100 microliter concentration was 5 x 10 in 96 well plates ⁵ After the CFU/mL bacterial solution is mixed with 50 microliter of NP-1 with different concentrations, the mixture is cultured for 20min at 37 ℃ under dark conditions, and white light (62.6 mW/cm) ² ) Irradiating for 12min, diluting for 100 times, and collecting 20 microlitres of bacteria liquid, coating on a culture plate, culturing at 37 ℃ in a bacteria incubator for 10h, and counting.

100 microliter concentration was 5 x 10 in 96 well plates ⁵ The CFU/mL bacterial solution is mixed with 50 microlitres of NP-2 with different concentrations and then cultured for 20min at 37 ℃ under dark conditions, white light (62.6 mW/cm) ² ) After 12min of irradiation with 808nm laser (1.04W/cm) ² ) Illumination is carried out for 5min, 20 microlitres of bacterial liquid is taken after dilution for 100 times and is coated on a culture plate, and the bacterial liquid is counted after being cultured for 10h at 37 ℃ in a bacterial incubator.

100 microliter concentration was 5 x 10 in 96 well plates ⁵ CFU/mL of bacterial solution was mixed with 50. Mu.l of NP-3 at different concentrations and incubated under dark conditions at 37℃for 20min, at 806 nm with laser (1.04W/cm ² ) Illumination is carried out for 5min, 20 microlitres of bacterial liquid is taken after dilution for 100 times and is coated on a culture plate, and the bacterial liquid is counted after being cultured for 10h at 37 ℃ in a bacterial incubator.

As shown in fig. 12, the test group to which the assembly was added and which was irradiated had a better effect of killing bacteria than the control group to which the assembly was not added and the assembly was not added but which was irradiated.
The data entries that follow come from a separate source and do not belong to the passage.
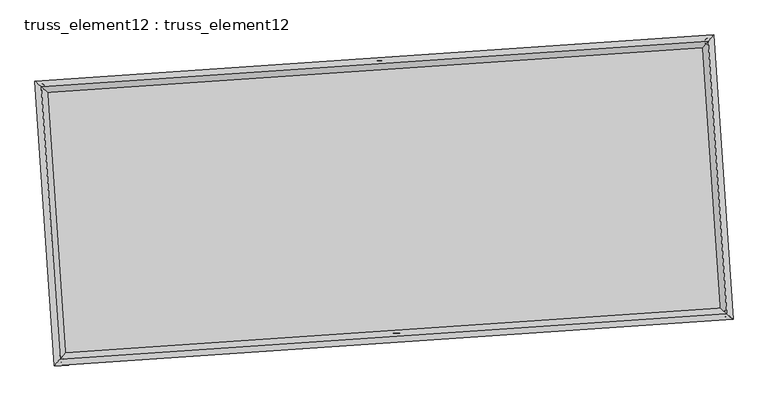
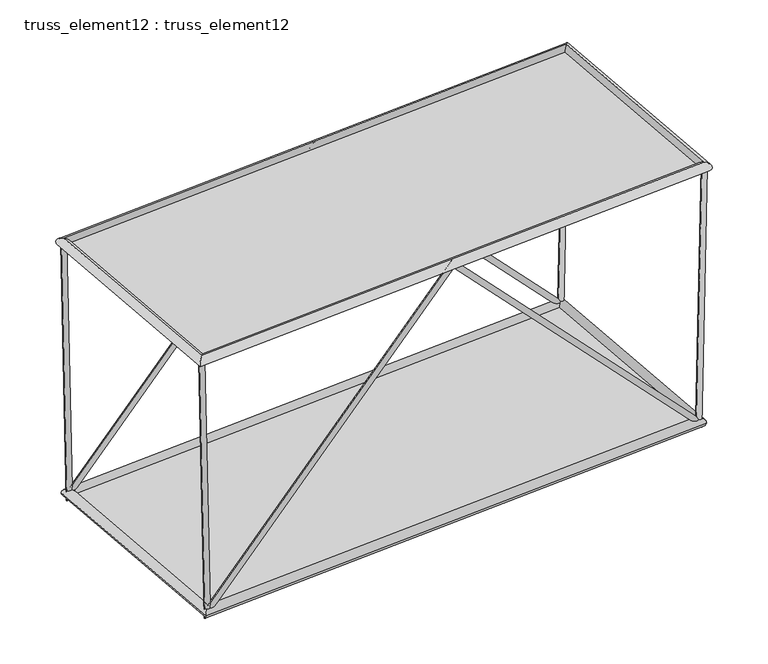
"""IFC4 building model written with IfcOpenShell, lengths in millimetres: plate geometry, truss_element12 : truss_element12."""

import ifcopenshell
import ifcopenshell.guid

model = None  # the IFC model being written
_history = None  # IfcOwnerHistory: only IFC2X3 demands one
_inside = {}  # id of a spatial element -> (the spatial element, [elements in it])
_under = {}  # id of a project, library or spatial element -> (it, [spatial elements below it])
_declared = {}  # id of a project -> (the project, [libraries it declares])
_typed = {}  # id of a type object -> (the type object, [elements of that type])
_made_of = {}  # id of a material, layer set ... -> (it, [elements and type objects made of it])


def new_model(schema):
    """Start an empty IFC model of exactly this schema.

    Asked for "IFC4X3", IfcOpenShell would pick the latest addendum, in which some entities
    have other attributes; the version numbers below select the first issue.
    IFC2X3 requires an IfcOwnerHistory on every rooted entity: one is made here for all.
    """
    global model, _history
    if schema == "IFC4X3":
        model = ifcopenshell.file(schema_version=(4, 3, 0, 0))
    else:
        model = ifcopenshell.file(schema=schema)
    _inside.clear()
    _under.clear()
    _declared.clear()
    _typed.clear()
    _made_of.clear()
    _history = None
    if model.schema == "IFC2X3":
        org = make("IfcOrganization", Name="unknown")
        user = make(
            "IfcPersonAndOrganization",
            ThePerson=make("IfcPerson", FamilyName="unknown"),
            TheOrganization=org,
        )
        app = make(
            "IfcApplication",
            ApplicationDeveloper=org,
            Version="unknown",
            ApplicationFullName="unknown",
            ApplicationIdentifier="unknown",
        )
        _history = make(
            "IfcOwnerHistory",
            OwningUser=user,
            OwningApplication=app,
            ChangeAction="ADDED",
            CreationDate=0,
        )
    return model


def make(cls, **values):
    """One entity of the class cls with the attributes given. An attribute that is None is left unset."""
    return model.create_entity(
        cls, **{name: value for name, value in values.items() if value is not None}
    )


def rooted(cls, **values):
    """An entity with a GlobalId (a new one), such as an element, a storey or a relation."""
    return make(cls, GlobalId=ifcopenshell.guid.new(), OwnerHistory=_history, **values)


def si_unit(unit_type, name, prefix=None):
    """IfcSIUnit, for example si_unit("LENGTHUNIT", "METRE", prefix="MILLI")."""
    return make("IfcSIUnit", UnitType=unit_type, Prefix=prefix, Name=name)


def assignment(units):
    """IfcUnitAssignment: the units of a project."""
    return None if units is None else make("IfcUnitAssignment", Units=units)


def point(xyz):
    """IfcCartesianPoint."""
    return None if xyz is None else make("IfcCartesianPoint", Coordinates=xyz)


def direction(xyz):
    """IfcDirection."""
    return None if xyz is None else make("IfcDirection", DirectionRatios=xyz)


def frame(location, z_axis=None, x_axis=None):
    """IfcAxis2Placement3D, a coordinate frame: its origin and axes. An axis left out is left unset."""
    return make(
        "IfcAxis2Placement3D",
        Location=point(location),
        Axis=direction(z_axis),
        RefDirection=direction(x_axis),
    )


def origin():
    """The frame at (0, 0, 0) with its axes left unset."""
    return frame((0.0, 0.0, 0.0))


def origin_with_axes():
    """The frame at (0, 0, 0) with the z axis (0, 0, 1) and the x axis (1, 0, 0) written out."""
    return frame((0.0, 0.0, 0.0), z_axis=(0.0, 0.0, 1.0), x_axis=(1.0, 0.0, 0.0))


def place(relative_to, where):
    """IfcLocalPlacement: puts the frame where relative to a parent placement (None: the world)."""
    return make(
        "IfcLocalPlacement", PlacementRelTo=relative_to, RelativePlacement=where
    )


def context(
    kind, dimensions, precision=None, world=None, true_north=None, identifier=None
):
    """IfcGeometricRepresentationContext, for example the 3D "Model" context."""
    return make(
        "IfcGeometricRepresentationContext",
        ContextIdentifier=identifier,
        ContextType=kind,
        CoordinateSpaceDimension=dimensions,
        Precision=precision,
        WorldCoordinateSystem=world,
        TrueNorth=true_north,
    )


def project(units=None, contexts=None):
    """IfcProject with its units and contexts."""
    return rooted(
        "IfcProject",
        Name="project",
        RepresentationContexts=contexts,
        UnitsInContext=assignment(units),
    )


def spatial(cls, under=None, at=None, **own):
    """A site, building, storey or space (cls), placed at a placement, below another one or the project."""
    s = rooted(cls, ObjectPlacement=at, **own)
    if under is not None:
        _under.setdefault(under.id(), (under, []))[1].append(s)
    return s


def polyline(points):
    """IfcPolyline through the points."""
    return make("IfcPolyline", Points=[point(p) for p in points])


def circle_curve(where, radius):
    """IfcCircle in the frame where."""
    return make("IfcCircle", Position=where, Radius=radius)


def ellipse_curve(where, semi_axis1, semi_axis2):
    """IfcEllipse in the frame where."""
    return make(
        "IfcEllipse", Position=where, SemiAxis1=semi_axis1, SemiAxis2=semi_axis2
    )


def outline(outer, holes=None, kind="AREA"):
    """IfcArbitraryClosedProfileDef: a profile drawn as a closed curve; with holes, ...WithVoids."""
    if holes is None:
        return make("IfcArbitraryClosedProfileDef", ProfileType=kind, OuterCurve=outer)
    return make(
        "IfcArbitraryProfileDefWithVoids",
        ProfileType=kind,
        OuterCurve=outer,
        InnerCurves=holes,
    )


def extrude(swept, where, along, depth):
    """IfcExtrudedAreaSolid: the profile swept, set in the frame where, extruded along a direction by depth."""
    return make(
        "IfcExtrudedAreaSolid",
        SweptArea=swept,
        Position=where,
        ExtrudedDirection=direction(along),
        Depth=depth,
    )


def shape(context_of_items, identifier, shape_type, items):
    """IfcShapeRepresentation: the items that make up one representation, for example the "Body"."""
    return make(
        "IfcShapeRepresentation",
        ContextOfItems=context_of_items,
        RepresentationIdentifier=identifier,
        RepresentationType=shape_type,
        Items=items,
    )


def source(mapping_origin, context_of_items, identifier, shape_type, items):
    """IfcRepresentationMap: a shape defined once, which mapped items show again and again."""
    return make(
        "IfcRepresentationMap",
        MappingOrigin=mapping_origin,
        MappedRepresentation=shape(context_of_items, identifier, shape_type, items),
    )


def transform(
    local_origin,
    x_axis=None,
    y_axis=None,
    z_axis=None,
    scale=None,
    scale2=None,
    scale3=None,
    uniform=True,
):
    """IfcCartesianTransformationOperator3D, or its non-uniform kind. x_axis, y_axis, z_axis: its Axis1, 2, 3."""
    if uniform:
        return make(
            "IfcCartesianTransformationOperator3D",
            Axis1=direction(x_axis),
            Axis2=direction(y_axis),
            LocalOrigin=point(local_origin),
            Scale=scale,
            Axis3=direction(z_axis),
        )
    return make(
        "IfcCartesianTransformationOperator3DnonUniform",
        Axis1=direction(x_axis),
        Axis2=direction(y_axis),
        LocalOrigin=point(local_origin),
        Scale=scale,
        Axis3=direction(z_axis),
        Scale2=scale2,
        Scale3=scale3,
    )


def mapped(mapping_source, mapping_target):
    """IfcMappedItem: shows the shape of a source again, moved by a transform."""
    return make(
        "IfcMappedItem", MappingSource=mapping_source, MappingTarget=mapping_target
    )


def made_of(thing, what):
    """Note that an element or type object is made of a material, layer set ...; save() writes the relation."""
    if what is not None:
        _made_of.setdefault(what.id(), (what, []))[1].append(thing)
    return thing


def element(
    cls,
    number,
    at=None,
    inside=None,
    cuts=None,
    type_object=None,
    material=None,
    context=None,
    identifier="Body",
    shape_type=None,
    held_by="IfcProductDefinitionShape",
    body=None,
    shapes=None,
    **own,
):
    """One element of the class cls, such as IfcWall. Its Tag is "e" and its number.

    at: its placement. inside: the storey or other place that contains it. cuts: it is an
    opening in that element (IfcRelVoidsElement). A single representation is given by context,
    identifier, shape_type and body (its items); several are given by shapes. held_by: the class
    of the entity that holds the representations. save() writes the other relations.
    """
    e = rooted(cls, Tag="e%d" % number, ObjectPlacement=at, **own)
    if body is not None:
        shapes = [shape(context, identifier, shape_type, body)]
    if shapes is not None:
        e.Representation = make(held_by, Representations=shapes)
    if inside is not None:
        _inside.setdefault(inside.id(), (inside, []))[1].append(e)
    if cuts is not None:
        rooted(
            "IfcRelVoidsElement", RelatingBuildingElement=cuts, RelatedOpeningElement=e
        )
    if type_object is not None:
        _typed.setdefault(type_object.id(), (type_object, []))[1].append(e)
    return made_of(e, material)


def aggregate(whole, parts):
    """IfcRelAggregates: a whole, such as a stair, and the parts it consists of."""
    return rooted("IfcRelAggregates", RelatingObject=whole, RelatedObjects=parts)


def save(model, path):
    """Write the relations noted so far, then the file.

    IfcRelAggregates (storeys below a building ...), IfcRelContainedInSpatialStructure (elements
    in a storey), IfcRelDefinesByType, IfcRelAssociatesMaterial and IfcRelDeclares: one each for
    every whole, place, type object, material and project.
    """
    for whole, parts in _under.values():
        aggregate(whole, parts)
    for where, things in _inside.values():
        rooted(
            "IfcRelContainedInSpatialStructure",
            RelatedElements=things,
            RelatingStructure=where,
        )
    for kind, things in _typed.values():
        rooted("IfcRelDefinesByType", RelatedObjects=things, RelatingType=kind)
    for what, things in _made_of.values():
        rooted("IfcRelAssociatesMaterial", RelatedObjects=things, RelatingMaterial=what)
    for by, libraries in _declared.values():
        rooted("IfcRelDeclares", RelatingContext=by, RelatedDefinitions=libraries)
    model.write(path)


def plane_surface(at):
    """IfcPlane: the flat surface through the origin of the frame at, square to its z axis."""
    return make("IfcPlane", Position=at)


def cylinder_surface(at, radius):
    """IfcCylindricalSurface: all points at the distance radius from the z axis of the frame at."""
    return make("IfcCylindricalSurface", Position=at, Radius=radius)


def advanced_brep(points, edges, surfaces, faces):
    """IfcAdvancedBrep: a solid bounded by faces that lie on surfaces and meet in shared edges.

    An edge is (start, end): straight between two places in points (the first is 0);
    or (start, end, curve); or (start, end, curve, False) where it runs against its curve.
    A face is (place in surfaces, loops), or (place, loops, False) where it looks against
    its surface's normal. A loop lists edges by number (the first is 1), with a minus sign
    where the edge is run from its end to its start. The first loop is the outer one.
    """
    corners = [point(p) for p in points]
    vertices = [make("IfcVertexPoint", VertexGeometry=c) for c in corners]
    made = []
    for start, end, *more in edges:
        made.append(
            make(
                "IfcEdgeCurve",
                EdgeStart=vertices[start],
                EdgeEnd=vertices[end],
                EdgeGeometry=more[0] if more else make("IfcPolyline", Points=[corners[start], corners[end]]),
                SameSense=more[1] if len(more) > 1 else True,
            )
        )
    hull = []
    for where, loops, *sense in faces:
        bounds = []
        for j, loop in enumerate(loops):
            ring = [make("IfcOrientedEdge", EdgeElement=made[abs(k) - 1], Orientation=k > 0) for k in loop]
            bounds.append(
                make(
                    "IfcFaceOuterBound" if j == 0 else "IfcFaceBound",
                    Bound=make("IfcEdgeLoop", EdgeList=ring),
                    Orientation=True,
                )
            )
        hull.append(make("IfcAdvancedFace", Bounds=bounds, FaceSurface=surfaces[where], SameSense=sense[0] if sense else True))
    return make("IfcAdvancedBrep", Outer=make("IfcClosedShell", CfsFaces=hull))


def truss_element12_truss_element12_abe7b1e7(model_context):
    return source(origin(), model_context, "Body", "SolidModel", [
        advanced_brep(
        [(-3770.8878019, 2268.9998903, 4999.9319376), (-3869.9687215, 2255.6402044, 4997.8129357), (-3667.5052192, 2276.0491556, 121.4949725), (-3761.4816636, 2263.0375245, -121.4949725), (1064.3047665, 2598.6932913, 5070.9753827), (1064.7442266, 2592.1195217, 4926.7446167), (5794.9719015, 2921.2595003, 121.4870027), (5889.7890755, 2921.1209882, -121.4870027), (5899.4888428, 2928.3861132, 4999.9186849), (5999.4656666, 2928.5994181, 4997.7764407)],
        [
            (0, 1, circle_curve(frame((-3820.4282617, 2262.3200473, 4998.8724366), z_axis=(-0.021186964059823055, -0.0014446585400489402, 0.9997744873298331), x_axis=(-0.1335973438749746, 0.9910347078393886, -0.0013991308907449146)), 50.0)),
            (1, 0, circle_curve(frame((-3820.4282617, 2262.3200473, 4998.8724366), z_axis=(-0.021186964059823055, -0.0014446585400489402, 0.9997744873298331), x_axis=(-0.1335973438749746, 0.9910347078393886, -0.0013991308907449146)), 50.0)),
            (0, 2),
            (2, 3, ellipse_curve(frame((-3714.4934414, 2269.54334, 0.0), z_axis=(-0.9296544314303254, -0.06338960173189395, 0.36293855749180226), x_axis=(0.36209777260493814, 0.02469007065143342, 0.9318130732533052)), 130.6694735, 50.0)),
            (3, 1),
            (3, 2, ellipse_curve(frame((-3714.4934414, 2269.54334, 0.0), z_axis=(-0.9296544314303254, -0.06338960173189395, 0.36293855749180226), x_axis=(0.36209777260493814, 0.02469007065143342, 0.9318130732533052)), 130.6694735, 50.0)),
            (2, 4),
            (4, 5, ellipse_curve(frame((1064.5244965, 2595.4064065, 4998.8599997), z_axis=(-0.9976833942347468, -0.06802823810322978, 6.073553142189921e-05), x_axis=(-6.0594831251560616e-05, -4.131731200348947e-06, -0.9999999981555977)), 72.2724119, 50.0)),
            (5, 3),
            (5, 4, ellipse_curve(frame((1064.5244965, 2595.4064065, 4998.8599997), z_axis=(-0.9976833942347468, -0.06802823810322978, 6.073553142189921e-05), x_axis=(-6.0594831251560616e-05, -4.131731200348947e-06, -0.9999999981555977)), 72.2724119, 50.0)),
            (4, 6),
            (6, 7, ellipse_curve(frame((5842.3804885, 2921.1902443, 0.0), z_axis=(-0.929718590145964, -0.06339397647082363, -0.3627734098362472), x_axis=(-0.36193300753109015, -0.024678835947378536, 0.9318773809443935)), 130.6518852, 50.0)),
            (7, 5),
            (7, 6, ellipse_curve(frame((5842.3804885, 2921.1902443, 0.0), z_axis=(-0.929718590145964, -0.06339397647082363, -0.3627734098362472), x_axis=(-0.36193300753109015, -0.024678835947378536, 0.9318773809443935)), 130.6518852, 50.0)),
            (8, 9, circle_curve(frame((5949.4772547, 2928.4927656, 4998.8475628), z_axis=(0.021419353246380234, 0.001460504275286309, 0.9997695125546532), x_axis=(-0.0021638448984886293, 0.999996658509091, -0.0014144772560226867)), 50.0)),
            (9, 8, circle_curve(frame((5949.4772547, 2928.4927656, 4998.8475628), z_axis=(0.021419353246380234, 0.001460504275286309, 0.9997695125546532), x_axis=(-0.0021638448984886293, 0.999996658509091, -0.0014144772560226867)), 50.0)),
            (6, 8),
            (9, 7),
        ],
        [
            plane_surface(frame((-3820.4282617, 2312.3199951, 4998.9446858), z_axis=(-0.021186964059822382, -0.0014446585400488944, 0.9997744873298331), x_axis=(0.9997755310838168, -3.061480063770717e-05, 0.021186941940879226))),
            cylinder_surface(frame((-3820.4282617, 2262.3200473, 4998.8724366), z_axis=(-0.021186964059823055, -0.0014446585400489402, 0.9997744873298331), x_axis=(-0.1335973438749746, 0.9910347078393886, -0.0013991308907449146)), 50.0),
            cylinder_surface(frame((-3714.4934414, 2269.54334, 0.0), z_axis=(-0.6902679812639986, -0.047066749688142194, -0.7220213536423408), x_axis=(-0.02042071364567827, 0.9987517920300755, -0.045583465981802296)), 50.0),
            cylinder_surface(frame((1064.5244965, 2595.4064065, 4998.8599997), z_axis=(-0.6901804746474645, -0.0470607829446048, 0.7221053905933964), x_axis=(-0.11534567202188306, 0.9922792199619508, -0.045577687277029266)), 50.0),
            plane_surface(frame((5949.4772547, 2878.492819, 4998.9206047), z_axis=(0.02141935324638098, 0.0014605042752824204, 0.9997695125546532), x_axis=(0.999770579336333, -3.129023561676551e-05, -0.021419330391363928))),
            cylinder_surface(frame((5842.3804885, 2921.1902443, 0.0), z_axis=(-0.021419353246380234, -0.001460504275286309, -0.9997695125546532), x_axis=(-0.0021638448984886293, 0.999996658509091, -0.0014144772560226867)), 50.0),
        ],
        [
            (0, [[1, 2]]),
            (1, [[-1, 3, 4, 5]]),
            (1, [[-2, -5, 6, -3]]),
            (2, [[-4, 7, 8, 9]]),
            (2, [[-6, -9, 10, -7]]),
            (3, [[-8, 11, 12, 13]]),
            (3, [[-10, -13, 14, -11]]),
            (4, [[15, 16]]),
            (5, [[-12, 17, -16, 18]]),
            (5, [[-14, -18, -15, -17]]),
        ],
    ),
        advanced_brep(
        [(-3498.774849, -1721.733694, 4999.9319376), (-3597.8557686, -1735.0933799, 4997.8129357), (-3395.3922663, -1714.6844287, 121.4949725), (-3489.3687107, -1727.6960598, -121.4949725), (1336.4177194, -1392.040293, 5070.9753827), (1336.8571795, -1398.6140626, 4926.7446167), (6067.0848544, -1069.474084, 121.4870027), (6161.9020284, -1069.6125961, -121.4870027), (6171.6017958, -1062.3474711, 4999.9186849), (6271.5786195, -1062.1341662, 4997.7764407)],
        [
            (0, 1, circle_curve(frame((-3548.3153088, -1728.413537, 4998.8724366), z_axis=(-0.021186964059823104, -0.001444658540048999, 0.9997744873298331), x_axis=(-0.13359734387497507, 0.9910347078393886, -0.0013991308907448728)), 50.0)),
            (1, 0, circle_curve(frame((-3548.3153088, -1728.413537, 4998.8724366), z_axis=(-0.021186964059823104, -0.001444658540048999, 0.9997744873298331), x_axis=(-0.13359734387497507, 0.9910347078393886, -0.0013991308907448728)), 50.0)),
            (0, 2),
            (2, 3, ellipse_curve(frame((-3442.3804885, -1721.1902443, 0.0), z_axis=(-0.9296544314303253, -0.06338960173189416, 0.36293855749180204), x_axis=(0.3620977726049378, 0.02469007065143343, 0.9318130732533053)), 130.6694735, 50.0)),
            (3, 1),
            (3, 2, ellipse_curve(frame((-3442.3804885, -1721.1902443, 0.0), z_axis=(-0.9296544314303253, -0.06338960173189416, 0.36293855749180204), x_axis=(0.3620977726049378, 0.02469007065143343, 0.9318130732533053)), 130.6694735, 50.0)),
            (2, 4),
            (4, 5, ellipse_curve(frame((1336.6374494, -1395.3271778, 4998.8599997), z_axis=(-0.9976833942347471, -0.06802823810322975, 6.073553142173877e-05), x_axis=(-6.059483125109933e-05, -4.1317312005027025e-06, -0.9999999981555977)), 72.2724119, 50.0)),
            (5, 3),
            (5, 4, ellipse_curve(frame((1336.6374494, -1395.3271778, 4998.8599997), z_axis=(-0.9976833942347471, -0.06802823810322975, 6.073553142173877e-05), x_axis=(-6.059483125109933e-05, -4.1317312005027025e-06, -0.9999999981555977)), 72.2724119, 50.0)),
            (4, 6),
            (6, 7, ellipse_curve(frame((6114.4934414, -1069.54334, 0.0), z_axis=(-0.929718590145964, -0.06339397647082334, -0.3627734098362472), x_axis=(-0.36193300753109015, -0.024678835947378446, 0.9318773809443935)), 130.6518852, 50.0)),
            (7, 5),
            (7, 6, ellipse_curve(frame((6114.4934414, -1069.54334, 0.0), z_axis=(-0.929718590145964, -0.06339397647082334, -0.3627734098362472), x_axis=(-0.36193300753109015, -0.024678835947378446, 0.9318773809443935)), 130.6518852, 50.0)),
            (8, 9, circle_curve(frame((6221.5902076, -1062.2408187, 4998.8475628), z_axis=(0.021419353246380123, 0.0014605042752862665, 0.9997695125546532), x_axis=(-0.0021638448984882684, 0.999996658509091, -0.001414477256022652)), 50.0)),
            (9, 8, circle_curve(frame((6221.5902076, -1062.2408187, 4998.8475628), z_axis=(0.021419353246380123, 0.0014605042752862665, 0.9997695125546532), x_axis=(-0.0021638448984882684, 0.999996658509091, -0.001414477256022652)), 50.0)),
            (6, 8),
            (9, 7),
        ],
        [
            plane_surface(frame((-3548.3153088, -1678.4135892, 4998.9446858), z_axis=(-0.021186964059822382, -0.001444658540048914, 0.9997744873298331), x_axis=(0.9997755310838168, -3.061480063770717e-05, 0.021186941940879226))),
            cylinder_surface(frame((-3548.3153088, -1728.413537, 4998.8724366), z_axis=(-0.021186964059823104, -0.001444658540048999, 0.9997744873298331), x_axis=(-0.13359734387497507, 0.9910347078393886, -0.0013991308907448728)), 50.0),
            cylinder_surface(frame((-3442.3804885, -1721.1902443, 0.0), z_axis=(-0.6902679812639982, -0.04706674968814228, -0.722021353642341), x_axis=(-0.020420713645678303, 0.9987517920300755, -0.04558346598180237)), 50.0),
            cylinder_surface(frame((1336.6374494, -1395.3271778, 4998.8599997), z_axis=(-0.6901804746474646, -0.04706078294460461, 0.7221053905933964), x_axis=(-0.11534567202188295, 0.9922792199619508, -0.04557768727702941)), 50.0),
            plane_surface(frame((6221.5902076, -1112.2407653, 4998.9206047), z_axis=(0.021419353246380984, 0.0014605042752824403, 0.9997695125546533), x_axis=(0.999770579336333, -3.129023561676551e-05, -0.021419330391363928))),
            cylinder_surface(frame((6114.4934414, -1069.54334, 0.0), z_axis=(-0.021419353246380123, -0.0014605042752862665, -0.9997695125546532), x_axis=(-0.0021638448984882684, 0.999996658509091, -0.001414477256022652)), 50.0),
        ],
        [
            (0, [[1, 2]]),
            (1, [[-1, 3, 4, 5]]),
            (1, [[-2, -5, 6, -3]]),
            (2, [[-4, 7, 8, 9]]),
            (2, [[-6, -9, 10, -7]]),
            (3, [[-8, 11, 12, 13]]),
            (3, [[-10, -13, 14, -11]]),
            (4, [[15, 16]]),
            (5, [[-12, 17, -16, 18]]),
            (5, [[-14, -18, -15, -17]]),
        ],
    ),
        advanced_brep(
        [(-3548.3217778, -1728.4207068, 4908.8724369), (-3548.3088398, -1728.4063671, 5088.8724364), (-3820.4208794, 2262.313822, 5088.8724364), (-3820.4356441, 2262.3262727, 4908.8724369), (5949.4712419, 2928.4856269, 5088.8475625), (5949.4832676, 2928.4999043, 4908.847563), (6221.5832815, -1062.2345622, 5088.8475625), (6221.5971338, -1062.2470751, 4908.847563)],
        [
            (0, 1, ellipse_curve(frame((-3548.3153088, -1728.413537, 4998.8724366), z_axis=(-0.7535719234031808, 0.6573654662782376, 1.7961013785977973e-06), x_axis=(-0.6573654662758065, -0.7535719234053014, 1.7961013785979447e-06)), 127.2792206, 90.0)),
            (1, 2),
            (2, 3, ellipse_curve(frame((-3820.4282617, 2262.3200473, 4998.8724366), z_axis=(-0.6573654662758065, -0.7535719234053015, 1.796101378598083e-06), x_axis=(0.7535719234031809, -0.6573654662782374, -1.796101378597936e-06)), 127.2792206, 90.0)),
            (3, 0),
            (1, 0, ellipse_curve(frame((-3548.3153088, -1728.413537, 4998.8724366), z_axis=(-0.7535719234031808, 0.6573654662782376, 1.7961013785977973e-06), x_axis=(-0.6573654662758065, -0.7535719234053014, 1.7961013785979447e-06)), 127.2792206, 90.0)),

The foregoing is merely a preferred embodiment of the present invention and it should be noted that modifications to these embodiments can be made by those skilled in the art without departing from the technical principles of the present invention, and these modifications should also be considered as the scope of the present invention.

Claims

1. An application of a light-responsive nitric oxide delivery/photo-thermal synergistic material, which is characterized in that:

the light-responsive nitric oxide delivery/photo-thermal synergistic material is used for preparing NO/PTT synergistic therapeutic antibacterial drugs;

the light-responsive nitric oxide delivery/light-heat synergistic material is prepared by dissolving nitric oxide donor molecules and amphiphilic polymers in an organic solvent together, and co-assembling the nitric oxide donor molecules and the amphiphilic polymers in a nano flash deposition mode to obtain stable nano particles, namely a polymer assembly;

the amphiphilic polymer comprises PEG ₁₁₃ -b-PCL ₆₀ 、PEG ₁₁₃ -b-PLA ₆₇ ；

The nitric oxide donor molecule has a structure shown in the following formula I:

wherein:

r is selected from any one of the groups shown in the following formulas 1-3:

R ₁ has the structure shown in the following formula III, R ₂ Is hydrogen or methoxy;

R ₃ any one selected from the groups represented by the following formulas 4 to 6:

R ₄ is hydrogen or nitro.

2. The use according to claim 1, characterized in that:

the diameter of the polymer assembly is 10nm-100nm.

3. The use according to claim 1, characterized in that:

suitable bacteria for the antibacterial drug include escherichia coli, staphylococcus aureus and methicillin-resistant staphylococcus aureus.